[What the task requires] Every line containing the string "styles" is to be copied from the records.
Data listing START
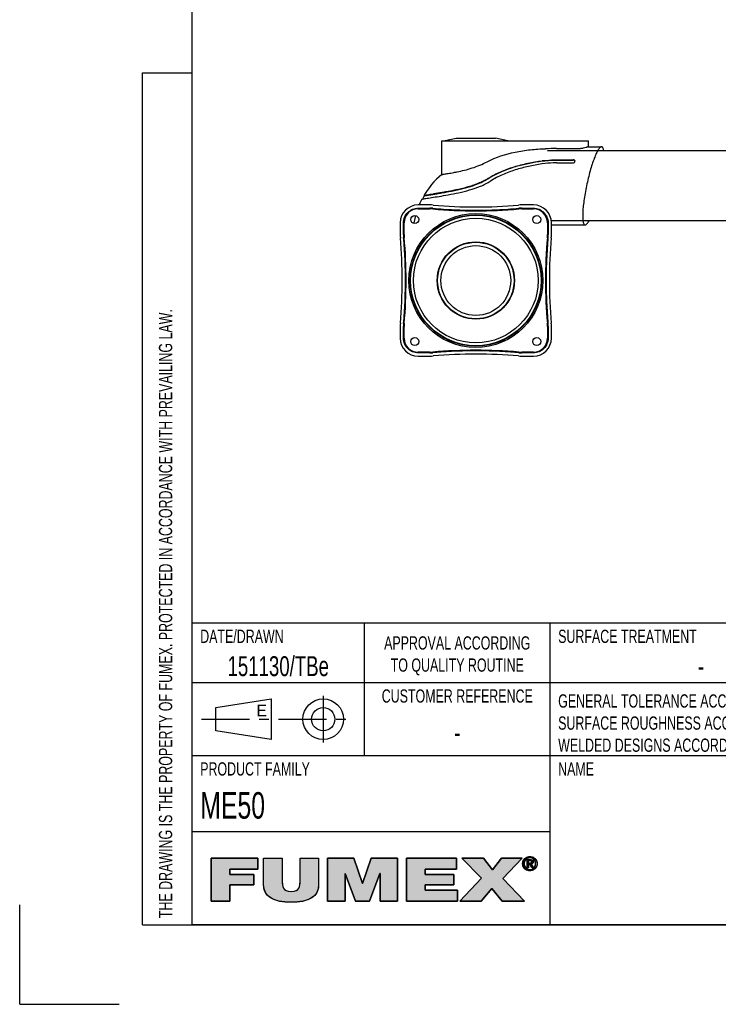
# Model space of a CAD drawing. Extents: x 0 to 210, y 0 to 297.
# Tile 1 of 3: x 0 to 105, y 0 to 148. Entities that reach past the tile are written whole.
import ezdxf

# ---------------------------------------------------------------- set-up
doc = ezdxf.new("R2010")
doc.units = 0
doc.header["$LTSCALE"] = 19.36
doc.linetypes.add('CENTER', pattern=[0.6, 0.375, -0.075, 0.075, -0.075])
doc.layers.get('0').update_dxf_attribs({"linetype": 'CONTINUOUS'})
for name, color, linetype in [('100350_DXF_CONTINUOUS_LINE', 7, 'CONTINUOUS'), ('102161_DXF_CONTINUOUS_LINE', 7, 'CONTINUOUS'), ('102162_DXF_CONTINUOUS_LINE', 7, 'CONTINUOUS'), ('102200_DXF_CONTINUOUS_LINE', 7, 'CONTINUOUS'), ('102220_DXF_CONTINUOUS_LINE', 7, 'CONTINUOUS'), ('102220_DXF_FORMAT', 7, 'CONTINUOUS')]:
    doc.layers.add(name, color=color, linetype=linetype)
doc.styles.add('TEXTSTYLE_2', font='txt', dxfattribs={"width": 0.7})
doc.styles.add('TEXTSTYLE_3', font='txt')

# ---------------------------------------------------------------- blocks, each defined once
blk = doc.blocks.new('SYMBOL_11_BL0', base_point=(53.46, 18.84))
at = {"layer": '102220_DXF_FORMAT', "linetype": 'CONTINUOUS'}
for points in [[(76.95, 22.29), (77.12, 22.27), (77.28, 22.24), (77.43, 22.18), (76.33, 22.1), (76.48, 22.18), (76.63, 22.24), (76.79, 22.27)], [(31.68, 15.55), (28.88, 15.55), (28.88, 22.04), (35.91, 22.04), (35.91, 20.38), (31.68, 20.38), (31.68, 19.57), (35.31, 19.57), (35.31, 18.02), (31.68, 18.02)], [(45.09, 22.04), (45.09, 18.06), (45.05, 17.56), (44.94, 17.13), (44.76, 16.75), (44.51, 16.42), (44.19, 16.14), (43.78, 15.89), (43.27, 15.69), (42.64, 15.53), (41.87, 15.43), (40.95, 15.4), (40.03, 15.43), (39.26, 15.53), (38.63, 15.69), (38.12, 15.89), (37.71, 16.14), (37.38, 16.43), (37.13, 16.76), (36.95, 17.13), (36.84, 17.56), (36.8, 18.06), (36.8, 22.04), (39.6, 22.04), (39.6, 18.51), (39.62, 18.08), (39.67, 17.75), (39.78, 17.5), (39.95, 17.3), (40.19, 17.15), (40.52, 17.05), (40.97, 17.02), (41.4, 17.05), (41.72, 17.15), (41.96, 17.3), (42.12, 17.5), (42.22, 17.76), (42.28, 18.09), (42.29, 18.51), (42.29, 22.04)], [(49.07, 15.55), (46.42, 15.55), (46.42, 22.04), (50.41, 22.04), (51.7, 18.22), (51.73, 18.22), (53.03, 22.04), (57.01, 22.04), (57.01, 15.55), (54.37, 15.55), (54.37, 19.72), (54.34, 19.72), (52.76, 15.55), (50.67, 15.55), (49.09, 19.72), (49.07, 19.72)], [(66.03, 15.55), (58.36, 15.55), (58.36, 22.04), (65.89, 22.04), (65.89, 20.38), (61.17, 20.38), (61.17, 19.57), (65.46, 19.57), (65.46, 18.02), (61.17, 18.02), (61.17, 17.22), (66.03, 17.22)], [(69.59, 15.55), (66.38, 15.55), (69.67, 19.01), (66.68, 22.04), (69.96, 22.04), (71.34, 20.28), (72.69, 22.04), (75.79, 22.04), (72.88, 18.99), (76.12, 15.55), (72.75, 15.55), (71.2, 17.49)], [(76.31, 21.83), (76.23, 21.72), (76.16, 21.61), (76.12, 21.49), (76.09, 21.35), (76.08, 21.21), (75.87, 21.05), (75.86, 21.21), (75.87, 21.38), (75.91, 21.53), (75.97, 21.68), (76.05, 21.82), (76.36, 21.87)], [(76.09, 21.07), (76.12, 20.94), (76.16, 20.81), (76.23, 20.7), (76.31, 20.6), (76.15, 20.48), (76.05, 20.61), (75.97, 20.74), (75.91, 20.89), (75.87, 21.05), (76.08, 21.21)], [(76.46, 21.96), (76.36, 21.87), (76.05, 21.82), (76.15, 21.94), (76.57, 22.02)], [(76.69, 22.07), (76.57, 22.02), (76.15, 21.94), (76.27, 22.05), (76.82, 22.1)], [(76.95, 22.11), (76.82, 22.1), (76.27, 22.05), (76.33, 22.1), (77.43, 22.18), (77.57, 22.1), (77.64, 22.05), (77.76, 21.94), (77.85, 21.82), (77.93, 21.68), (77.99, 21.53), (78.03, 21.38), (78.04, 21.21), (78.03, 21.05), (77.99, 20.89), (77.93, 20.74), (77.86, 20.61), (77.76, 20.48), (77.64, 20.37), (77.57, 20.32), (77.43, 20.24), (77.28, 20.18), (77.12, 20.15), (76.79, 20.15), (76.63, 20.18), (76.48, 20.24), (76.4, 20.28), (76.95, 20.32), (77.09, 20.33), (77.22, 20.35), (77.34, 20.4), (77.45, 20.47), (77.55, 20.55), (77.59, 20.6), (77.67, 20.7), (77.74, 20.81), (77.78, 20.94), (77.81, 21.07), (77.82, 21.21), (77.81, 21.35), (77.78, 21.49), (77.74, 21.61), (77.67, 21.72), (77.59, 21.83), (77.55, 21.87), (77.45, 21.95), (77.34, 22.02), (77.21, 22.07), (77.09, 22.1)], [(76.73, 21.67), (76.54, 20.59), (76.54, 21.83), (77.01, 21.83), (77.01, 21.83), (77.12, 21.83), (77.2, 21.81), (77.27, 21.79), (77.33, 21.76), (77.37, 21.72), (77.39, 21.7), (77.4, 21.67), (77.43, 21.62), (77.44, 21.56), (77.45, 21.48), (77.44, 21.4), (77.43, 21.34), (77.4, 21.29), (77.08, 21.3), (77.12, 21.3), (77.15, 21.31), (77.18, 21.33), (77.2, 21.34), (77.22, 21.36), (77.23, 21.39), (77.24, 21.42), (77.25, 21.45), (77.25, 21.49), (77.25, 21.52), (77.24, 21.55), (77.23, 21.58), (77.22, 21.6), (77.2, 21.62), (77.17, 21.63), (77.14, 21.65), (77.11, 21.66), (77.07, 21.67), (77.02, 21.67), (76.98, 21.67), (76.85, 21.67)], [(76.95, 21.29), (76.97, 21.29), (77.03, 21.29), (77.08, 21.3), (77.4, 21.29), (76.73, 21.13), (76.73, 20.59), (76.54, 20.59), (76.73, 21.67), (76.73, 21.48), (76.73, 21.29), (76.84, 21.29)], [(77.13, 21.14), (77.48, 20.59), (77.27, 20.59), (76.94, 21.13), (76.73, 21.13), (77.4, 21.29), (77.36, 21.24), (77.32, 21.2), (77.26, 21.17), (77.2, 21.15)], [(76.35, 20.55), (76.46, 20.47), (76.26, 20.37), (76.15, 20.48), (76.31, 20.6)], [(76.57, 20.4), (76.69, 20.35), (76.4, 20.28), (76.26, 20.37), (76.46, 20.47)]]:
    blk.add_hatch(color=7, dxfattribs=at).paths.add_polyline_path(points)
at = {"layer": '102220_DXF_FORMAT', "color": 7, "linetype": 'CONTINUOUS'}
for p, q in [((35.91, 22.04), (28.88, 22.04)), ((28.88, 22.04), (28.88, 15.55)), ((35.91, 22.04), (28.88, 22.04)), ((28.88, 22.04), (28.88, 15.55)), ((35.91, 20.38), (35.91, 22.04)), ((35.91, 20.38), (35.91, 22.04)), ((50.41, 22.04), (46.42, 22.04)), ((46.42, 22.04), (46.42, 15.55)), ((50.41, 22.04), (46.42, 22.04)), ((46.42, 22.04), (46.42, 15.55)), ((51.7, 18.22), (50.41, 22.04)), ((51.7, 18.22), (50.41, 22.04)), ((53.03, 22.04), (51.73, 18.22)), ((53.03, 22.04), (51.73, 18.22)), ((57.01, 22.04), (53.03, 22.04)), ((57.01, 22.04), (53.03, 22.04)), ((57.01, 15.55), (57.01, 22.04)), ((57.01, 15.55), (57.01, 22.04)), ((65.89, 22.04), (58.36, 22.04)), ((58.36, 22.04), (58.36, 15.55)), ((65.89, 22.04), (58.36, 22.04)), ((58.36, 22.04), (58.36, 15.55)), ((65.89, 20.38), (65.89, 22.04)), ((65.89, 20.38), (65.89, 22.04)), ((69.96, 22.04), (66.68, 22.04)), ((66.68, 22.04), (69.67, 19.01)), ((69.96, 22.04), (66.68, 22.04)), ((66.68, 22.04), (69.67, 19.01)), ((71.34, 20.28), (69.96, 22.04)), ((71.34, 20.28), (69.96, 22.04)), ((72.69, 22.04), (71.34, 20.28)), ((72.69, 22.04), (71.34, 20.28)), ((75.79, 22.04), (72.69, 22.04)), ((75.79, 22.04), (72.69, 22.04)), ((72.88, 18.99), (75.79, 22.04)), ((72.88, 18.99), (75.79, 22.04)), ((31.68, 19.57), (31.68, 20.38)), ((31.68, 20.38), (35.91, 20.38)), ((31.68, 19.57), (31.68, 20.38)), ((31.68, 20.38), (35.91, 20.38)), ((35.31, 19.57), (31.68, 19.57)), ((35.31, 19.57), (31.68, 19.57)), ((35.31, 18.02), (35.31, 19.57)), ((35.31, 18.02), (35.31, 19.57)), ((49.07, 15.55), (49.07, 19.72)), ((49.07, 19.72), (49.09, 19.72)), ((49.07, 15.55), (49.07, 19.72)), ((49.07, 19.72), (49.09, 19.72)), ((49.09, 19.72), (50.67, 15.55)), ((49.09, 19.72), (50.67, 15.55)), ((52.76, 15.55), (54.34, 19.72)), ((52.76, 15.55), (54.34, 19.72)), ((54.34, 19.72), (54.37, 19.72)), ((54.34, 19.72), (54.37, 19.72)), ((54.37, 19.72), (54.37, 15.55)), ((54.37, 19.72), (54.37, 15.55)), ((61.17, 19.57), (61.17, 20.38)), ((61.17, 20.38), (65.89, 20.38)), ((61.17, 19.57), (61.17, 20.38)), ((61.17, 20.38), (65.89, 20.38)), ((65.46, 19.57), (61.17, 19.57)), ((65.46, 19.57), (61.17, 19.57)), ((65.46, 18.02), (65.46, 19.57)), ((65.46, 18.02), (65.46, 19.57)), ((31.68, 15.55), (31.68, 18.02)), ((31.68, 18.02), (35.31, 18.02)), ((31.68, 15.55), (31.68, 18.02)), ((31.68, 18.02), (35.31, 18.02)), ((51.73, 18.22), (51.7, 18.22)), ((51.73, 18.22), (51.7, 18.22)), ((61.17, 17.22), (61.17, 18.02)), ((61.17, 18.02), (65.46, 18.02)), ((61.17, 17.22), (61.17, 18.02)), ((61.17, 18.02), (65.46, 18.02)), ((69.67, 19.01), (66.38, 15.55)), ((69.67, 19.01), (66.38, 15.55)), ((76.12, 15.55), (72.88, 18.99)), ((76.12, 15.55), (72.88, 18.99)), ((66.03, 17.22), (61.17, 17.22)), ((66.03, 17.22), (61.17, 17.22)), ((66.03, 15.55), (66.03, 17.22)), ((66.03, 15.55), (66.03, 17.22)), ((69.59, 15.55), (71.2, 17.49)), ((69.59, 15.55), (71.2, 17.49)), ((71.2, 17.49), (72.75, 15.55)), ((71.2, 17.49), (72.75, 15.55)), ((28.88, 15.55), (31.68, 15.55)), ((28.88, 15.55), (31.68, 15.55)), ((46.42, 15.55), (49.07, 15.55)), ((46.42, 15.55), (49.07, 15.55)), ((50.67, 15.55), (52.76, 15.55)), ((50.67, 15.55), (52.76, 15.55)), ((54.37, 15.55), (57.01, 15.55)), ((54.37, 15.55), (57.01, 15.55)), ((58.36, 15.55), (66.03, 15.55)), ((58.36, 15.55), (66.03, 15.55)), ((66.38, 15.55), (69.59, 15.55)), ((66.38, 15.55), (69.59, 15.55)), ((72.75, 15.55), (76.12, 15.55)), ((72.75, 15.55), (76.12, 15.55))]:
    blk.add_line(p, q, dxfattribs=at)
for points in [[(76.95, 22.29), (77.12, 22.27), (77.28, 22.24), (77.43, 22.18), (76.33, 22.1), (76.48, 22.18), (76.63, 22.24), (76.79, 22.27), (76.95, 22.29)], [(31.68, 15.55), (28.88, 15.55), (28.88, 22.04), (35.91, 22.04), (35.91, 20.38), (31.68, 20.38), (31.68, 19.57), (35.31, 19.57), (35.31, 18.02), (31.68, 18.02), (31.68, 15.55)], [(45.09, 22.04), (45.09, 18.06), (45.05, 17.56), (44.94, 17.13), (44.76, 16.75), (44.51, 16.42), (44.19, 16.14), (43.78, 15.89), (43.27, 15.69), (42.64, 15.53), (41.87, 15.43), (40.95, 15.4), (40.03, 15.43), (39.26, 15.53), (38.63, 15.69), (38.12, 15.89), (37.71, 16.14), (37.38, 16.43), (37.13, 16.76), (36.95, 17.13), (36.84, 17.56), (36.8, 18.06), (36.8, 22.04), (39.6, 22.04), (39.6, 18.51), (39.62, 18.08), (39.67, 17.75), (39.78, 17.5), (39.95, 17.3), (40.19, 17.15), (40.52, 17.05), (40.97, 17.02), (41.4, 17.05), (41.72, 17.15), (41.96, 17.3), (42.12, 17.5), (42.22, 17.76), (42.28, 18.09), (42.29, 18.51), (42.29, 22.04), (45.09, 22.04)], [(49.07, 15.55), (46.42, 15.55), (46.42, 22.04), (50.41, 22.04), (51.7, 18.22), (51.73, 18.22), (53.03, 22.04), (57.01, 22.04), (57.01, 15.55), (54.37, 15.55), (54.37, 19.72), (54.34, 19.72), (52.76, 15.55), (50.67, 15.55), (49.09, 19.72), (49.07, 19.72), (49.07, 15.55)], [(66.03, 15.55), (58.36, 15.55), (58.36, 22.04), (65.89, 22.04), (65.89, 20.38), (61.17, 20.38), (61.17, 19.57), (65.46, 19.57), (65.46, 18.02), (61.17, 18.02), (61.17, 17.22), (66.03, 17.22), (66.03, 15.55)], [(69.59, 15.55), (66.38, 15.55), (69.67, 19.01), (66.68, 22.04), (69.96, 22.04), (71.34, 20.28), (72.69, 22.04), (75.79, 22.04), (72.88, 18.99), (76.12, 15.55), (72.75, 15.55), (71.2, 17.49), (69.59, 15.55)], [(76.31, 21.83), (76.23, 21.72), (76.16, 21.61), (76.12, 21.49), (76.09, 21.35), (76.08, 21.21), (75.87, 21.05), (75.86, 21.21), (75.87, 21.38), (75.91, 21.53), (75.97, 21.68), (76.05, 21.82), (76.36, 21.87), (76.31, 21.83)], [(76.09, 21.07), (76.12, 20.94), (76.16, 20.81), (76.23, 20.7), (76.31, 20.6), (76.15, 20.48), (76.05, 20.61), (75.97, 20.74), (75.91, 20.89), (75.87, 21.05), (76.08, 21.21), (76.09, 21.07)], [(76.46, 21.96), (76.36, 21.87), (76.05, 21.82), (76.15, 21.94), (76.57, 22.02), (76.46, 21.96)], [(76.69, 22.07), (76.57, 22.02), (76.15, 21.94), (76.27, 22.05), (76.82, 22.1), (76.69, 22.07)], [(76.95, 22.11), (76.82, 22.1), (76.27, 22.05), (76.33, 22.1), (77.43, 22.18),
Data listing END
[Answer to the problem]
doc.styles.add('TEXTSTYLE_2', font='txt', dxfattribs={"width": 0.7})
doc.styles.add('TEXTSTYLE_3', font='txt')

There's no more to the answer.